Reproduce every line below exactly as written; do not include the images.

*Listed records*:
┏━━

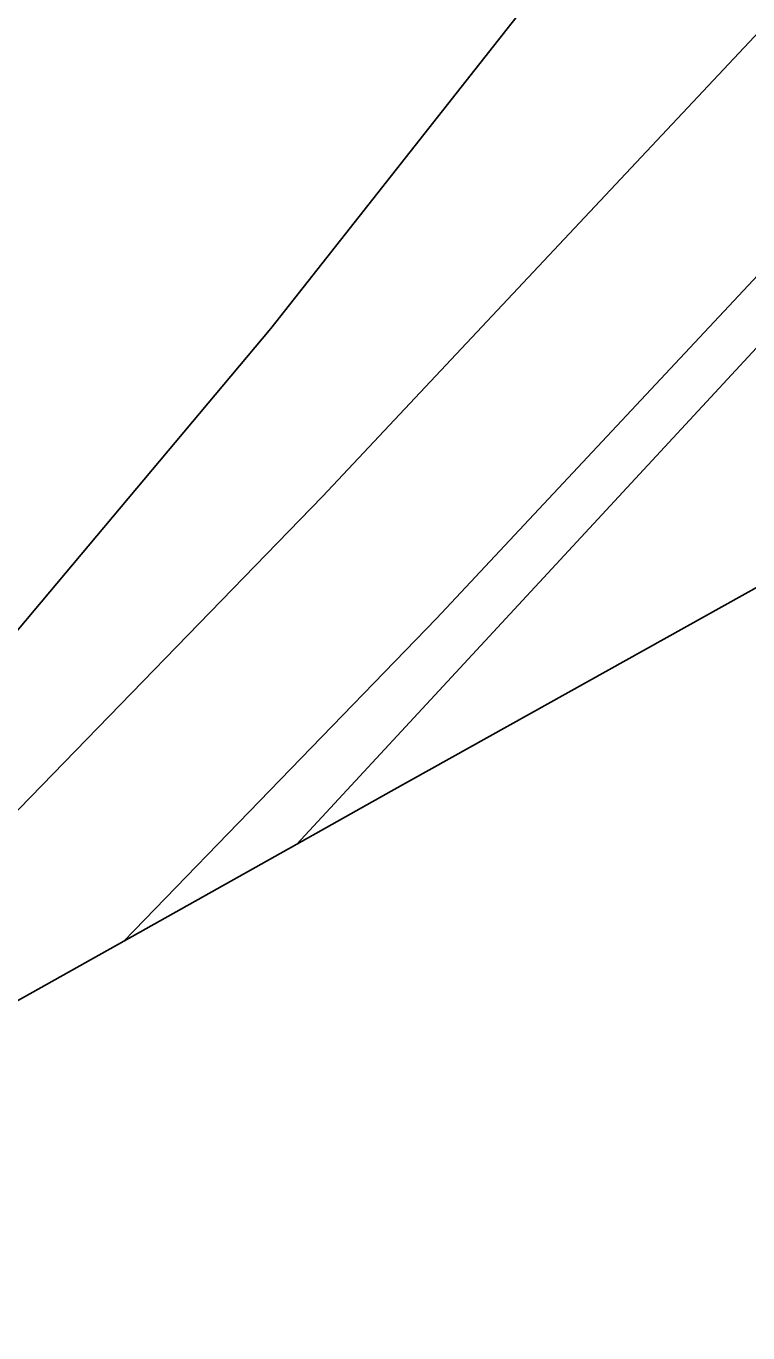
# Model space of a CAD drawing. Extents: x -262715 to -259381, y -1237238 to -1231182.
# Drawn here: x -260236.9 to -260187.3, y -1234815.8 to -1234726 of the extents above; entities that cross this region are included whole.
import ezdxf

# ---------------------------------------------------------------- set-up
doc = ezdxf.new("R2010")
doc.units = 0
for name, color, linetype in [('body_kn', 7, 'Continuous'), ('katuz_linie', 7, 'Continuous'), ('kladpar_hranice', 7, 'Continuous'), ('kladpar_plochy', 7, 'Continuous'), ('zappar_hrandruhpozemk', 7, 'Continuous'), ('zuob_linie', 7, 'Continuous'), ('zuob_plochy', 7, 'Continuous')]:
    doc.layers.add(name, color=color, linetype=linetype)

msp = doc.modelspace()

# ---------------------------------------------------------------- linework, layer by layer
at = {"layer": 'body_kn'}
for p, q in [((-260220.08, -1234746.78), (-260220.08, -1234746.78)), ((-260216.53, -1234758.32), (-260216.53, -1234758.32)), ((-260208.7, -1234766.69), (-260208.7, -1234766.69)), ((-260211.81, -1234778.57), (-260211.81, -1234778.57)), ((-260218.29, -1234782.2), (-260218.29, -1234782.2)), ((-260230.17, -1234788.86), (-260230.17, -1234788.86))]:
    msp.add_line(p, q, dxfattribs=at)
at = {"layer": 'katuz_linie'}
msp.add_lwpolyline([(-260026.79, -1234586.71), (-260042.46, -1234622.06), (-260062.83, -1234655.19), (-260080.56, -1234679.02), (-260118.28, -1234718.97), (-260140.58, -1234737.57), (-260166.35, -1234753.22), (-260171.63, -1234756.16), (-260184.9, -1234763.56), (-260211.81, -1234778.57), (-260218.29, -1234782.2), (-260230.17, -1234788.86), (-260263.03, -1234807.26), (-260264.87, -1234807.93), (-260275.18, -1234811.69), (-260280.41, -1234813.6), (-260281.78, -1234814.1), (-260282.35, -1234814.31), (-260284.92, -1234815.25), (-260319.46, -1234827.85), (-260358.11, -1234852.59), (-260398.1, -1234885.03), (-260429.18, -1234914.42)], dxfattribs=at)
at = {"layer": 'kladpar_hranice'}
for points in [[(-260262.66, -1234794.4), (-260242.94, -1234773.98), (-260220.08, -1234746.78), (-260198.71, -1234719.66), (-260175.25, -1234691.8), (-260151.56, -1234663.49), (-260129.41, -1234629.69), (-260106.05, -1234599.13)], [(-260175.25, -1234691.8), (-260198.71, -1234719.66), (-260220.08, -1234746.78), (-260242.94, -1234773.98), (-260262.66, -1234794.4), (-260265.38, -1234797.21), (-260267.34, -1234799.24), (-260268.14, -1234799.97), (-260268.5, -1234800.3), (-260275.81, -1234806.95), (-260275.94, -1234807.07), (-260282.96, -1234813.47), (-260283.32, -1234813.79), (-260284.92, -1234815.25), (-260319.46, -1234827.85)], [(-260171.63, -1234756.16), (-260184.9, -1234763.56), (-260211.81, -1234778.57), (-260218.29, -1234782.2), (-260230.17, -1234788.86), (-260263.03, -1234807.26), (-260264.87, -1234807.93), (-260275.18, -1234811.69)]]:
    msp.add_lwpolyline(points, dxfattribs=at)
at = {"layer": 'kladpar_plochy'}
for points in [[(-260175.25, -1234691.8), (-260198.71, -1234719.66), (-260220.08, -1234746.78), (-260242.94, -1234773.98), (-260262.66, -1234794.4), (-260265.38, -1234797.21), (-260267.34, -1234799.24), (-260268.14, -1234799.97), (-260268.5, -1234800.3), (-260275.81, -1234806.95), (-260275.94, -1234807.07), (-260282.96, -1234813.47), (-260283.32, -1234813.79), (-260284.92, -1234815.25), (-260319.46, -1234827.85)], [(-260184.9, -1234763.56), (-260211.81, -1234778.57), (-260218.29, -1234782.2), (-260230.17, -1234788.86), (-260263.03, -1234807.26), (-260264.87, -1234807.93), (-260275.18, -1234811.69), (-260271.66, -1234809.17), (-260265.89, -1234804.66), (-260264.78, -1234801.72), (-260262.66, -1234794.4), (-260242.94, -1234773.98), (-260220.08, -1234746.78), (-260198.71, -1234719.66), (-260175.25, -1234691.8)]]:
    msp.add_lwpolyline(points, dxfattribs=at)
at = {"layer": 'zappar_hrandruhpozemk'}
for p, q in [((-260176.06, -1234731.83), (-260208.7, -1234766.69)), ((-260174.37, -1234734.78), (-260218.29, -1234782.2)), ((-260216.53, -1234758.32), (-260251.04, -1234793.84)), ((-260208.7, -1234766.69), (-260230.17, -1234788.86))]:
    msp.add_line(p, q, dxfattribs=at)
msp.add_lwpolyline([(-260120.04, -1234647.89), (-260153.17, -1234688.1), (-260185.08, -1234724.85), (-260216.53, -1234758.32)], dxfattribs=at)
at = {"layer": 'zuob_linie'}
msp.add_lwpolyline([(-260026.79, -1234586.71), (-260042.46, -1234622.06), (-260062.83, -1234655.19), (-260080.56, -1234679.02), (-260118.28, -1234718.97), (-260140.58, -1234737.57), (-260166.35, -1234753.22), (-260171.63, -1234756.16), (-260184.9, -1234763.56), (-260211.81, -1234778.57), (-260218.29, -1234782.2), (-260230.17, -1234788.86), (-260263.03, -1234807.26), (-260264.87, -1234807.93), (-260275.18, -1234811.69), (-260280.41, -1234813.6), (-260281.78, -1234814.1), (-260282.35, -1234814.31), (-260284.92, -1234815.25), (-260319.46, -1234827.85), (-260358.11, -1234852.59), (-260398.1, -1234885.03), (-260429.18, -1234914.42)], dxfattribs=at)
at = {"layer": 'zuob_plochy'}
msp.add_lwpolyline([(-260026.79, -1234586.71), (-260042.46, -1234622.06), (-260062.83, -1234655.19), (-260080.56, -1234679.02), (-260118.28, -1234718.97), (-260140.58, -1234737.57), (-260166.35, -1234753.22), (-260171.63, -1234756.16), (-260184.9, -1234763.56), (-260211.81, -1234778.57), (-260218.29, -1234782.2), (-260230.17, -1234788.86), (-260263.03, -1234807.26), (-260264.87, -1234807.93), (-260275.18, -1234811.69), (-260280.41, -1234813.6), (-260281.78, -1234814.1), (-260282.35, -1234814.31), (-260284.92, -1234815.25), (-260319.46, -1234827.85), (-260358.11, -1234852.59), (-260398.1, -1234885.03), (-260429.18, -1234914.42)], dxfattribs=at)

doc.saveas('drawing.dxf')

┗━━

*Result of this exercise*:
# Model space of a CAD drawing. Extents: x -262715 to -259381, y -1237238 to -1231182.
# Drawn here: x -260236.9 to -260187.3, y -1234815.8 to -1234726 of the extents above; entities that cross this region are included whole.
import ezdxf

# ---------------------------------------------------------------- set-up
doc = ezdxf.new("R2010")
doc.units = 0
for name, color, linetype in [('body_kn', 7, 'Continuous'), ('katuz_linie', 7, 'Continuous'), ('kladpar_hranice', 7, 'Continuous'), ('kladpar_plochy', 7, 'Continuous'), ('zappar_hrandruhpozemk', 7, 'Continuous'), ('zuob_linie', 7, 'Continuous'), ('zuob_plochy', 7, 'Continuous')]:
    doc.layers.add(name, color=color, linetype=linetype)

msp = doc.modelspace()

# ---------------------------------------------------------------- linework, layer by layer
at = {"layer": 'body_kn'}
for p, q in [((-260220.08, -1234746.78), (-260220.08, -1234746.78)), ((-260216.53, -1234758.32), (-260216.53, -1234758.32)), ((-260208.7, -1234766.69), (-260208.7, -1234766.69)), ((-260211.81, -1234778.57), (-260211.81, -1234778.57)), ((-260218.29, -1234782.2), (-260218.29, -1234782.2)), ((-260230.17, -1234788.86), (-260230.17, -1234788.86))]:
    msp.add_line(p, q, dxfattribs=at)
at = {"layer": 'katuz_linie'}
msp.add_lwpolyline([(-260026.79, -1234586.71), (-260042.46, -1234622.06), (-260062.83, -1234655.19), (-260080.56, -1234679.02), (-260118.28, -1234718.97), (-260140.58, -1234737.57), (-260166.35, -1234753.22), (-260171.63, -1234756.16), (-260184.9, -1234763.56), (-260211.81, -1234778.57), (-260218.29, -1234782.2), (-260230.17, -1234788.86), (-260263.03, -1234807.26), (-260264.87, -1234807.93), (-260275.18, -1234811.69), (-260280.41, -1234813.6), (-260281.78, -1234814.1), (-260282.35, -1234814.31), (-260284.92, -1234815.25), (-260319.46, -1234827.85), (-260358.11, -1234852.59), (-260398.1, -1234885.03), (-260429.18, -1234914.42)], dxfattribs=at)
at = {"layer": 'kladpar_hranice'}
for points in [[(-260262.66, -1234794.4), (-260242.94, -1234773.98), (-260220.08, -1234746.78), (-260198.71, -1234719.66), (-260175.25, -1234691.8), (-260151.56, -1234663.49), (-260129.41, -1234629.69), (-260106.05, -1234599.13)], [(-260175.25, -1234691.8), (-260198.71, -1234719.66), (-260220.08, -1234746.78), (-260242.94, -1234773.98), (-260262.66, -1234794.4), (-260265.38, -1234797.21), (-260267.34, -1234799.24), (-260268.14, -1234799.97), (-260268.5, -1234800.3), (-260275.81, -1234806.95), (-260275.94, -1234807.07), (-260282.96, -1234813.47), (-260283.32, -1234813.79), (-260284.92, -1234815.25), (-260319.46, -1234827.85)], [(-260171.63, -1234756.16), (-260184.9, -1234763.56), (-260211.81, -1234778.57), (-260218.29, -1234782.2), (-260230.17, -1234788.86), (-260263.03, -1234807.26), (-260264.87, -1234807.93), (-260275.18, -1234811.69)]]:
    msp.add_lwpolyline(points, dxfattribs=at)
at = {"layer": 'kladpar_plochy'}
for points in [[(-260175.25, -1234691.8), (-260198.71, -1234719.66), (-260220.08, -1234746.78), (-260242.94, -1234773.98), (-260262.66, -1234794.4), (-260265.38, -1234797.21), (-260267.34, -1234799.24), (-260268.14, -1234799.97), (-260268.5, -1234800.3), (-260275.81, -1234806.95), (-260275.94, -1234807.07), (-260282.96, -1234813.47), (-260283.32, -1234813.79), (-260284.92, -1234815.25), (-260319.46, -1234827.85)], [(-260184.9, -1234763.56), (-260211.81, -1234778.57), (-260218.29, -1234782.2), (-260230.17, -1234788.86), (-260263.03, -1234807.26), (-260264.87, -1234807.93), (-260275.18, -1234811.69), (-260271.66, -1234809.17), (-260265.89, -1234804.66), (-260264.78, -1234801.72), (-260262.66, -1234794.4), (-260242.94, -1234773.98), (-260220.08, -1234746.78), (-260198.71, -1234719.66), (-260175.25, -1234691.8)]]:
    msp.add_lwpolyline(points, dxfattribs=at)
at = {"layer": 'zappar_hrandruhpozemk'}
for p, q in [((-260176.06, -1234731.83), (-260208.7, -1234766.69)), ((-260174.37, -1234734.78), (-260218.29, -1234782.2)), ((-260216.53, -1234758.32), (-260251.04, -1234793.84)), ((-260208.7, -1234766.69), (-260230.17, -1234788.86))]:
    msp.add_line(p, q, dxfattribs=at)
msp.add_lwpolyline([(-260120.04, -1234647.89), (-260153.17, -1234688.1), (-260185.08, -1234724.85), (-260216.53, -1234758.32)], dxfattribs=at)
at = {"layer": 'zuob_linie'}
msp.add_lwpolyline([(-260026.79, -1234586.71), (-260042.46, -1234622.06), (-260062.83, -1234655.19), (-260080.56, -1234679.02), (-260118.28, -1234718.97), (-260140.58, -1234737.57), (-260166.35, -1234753.22), (-260171.63, -1234756.16), (-260184.9, -1234763.56), (-260211.81, -1234778.57), (-260218.29, -1234782.2), (-260230.17, -1234788.86), (-260263.03, -1234807.26), (-260264.87, -1234807.93), (-260275.18, -1234811.69), (-260280.41, -1234813.6), (-260281.78, -1234814.1), (-260282.35, -1234814.31), (-260284.92, -1234815.25), (-260319.46, -1234827.85), (-260358.11, -1234852.59), (-260398.1, -1234885.03), (-260429.18, -1234914.42)], dxfattribs=at)
at = {"layer": 'zuob_plochy'}
msp.add_lwpolyline([(-260026.79, -1234586.71), (-260042.46, -1234622.06), (-260062.83, -1234655.19), (-260080.56, -1234679.02), (-260118.28, -1234718.97), (-260140.58, -1234737.57), (-260166.35, -1234753.22), (-260171.63, -1234756.16), (-260184.9, -1234763.56), (-260211.81, -1234778.57), (-260218.29, -1234782.2), (-260230.17, -1234788.86), (-260263.03, -1234807.26), (-260264.87, -1234807.93), (-260275.18, -1234811.69), (-260280.41, -1234813.6), (-260281.78, -1234814.1), (-260282.35, -1234814.31), (-260284.92, -1234815.25), (-260319.46, -1234827.85), (-260358.11, -1234852.59), (-260398.1, -1234885.03), (-260429.18, -1234914.42)], dxfattribs=at)

doc.saveas('drawing.dxf')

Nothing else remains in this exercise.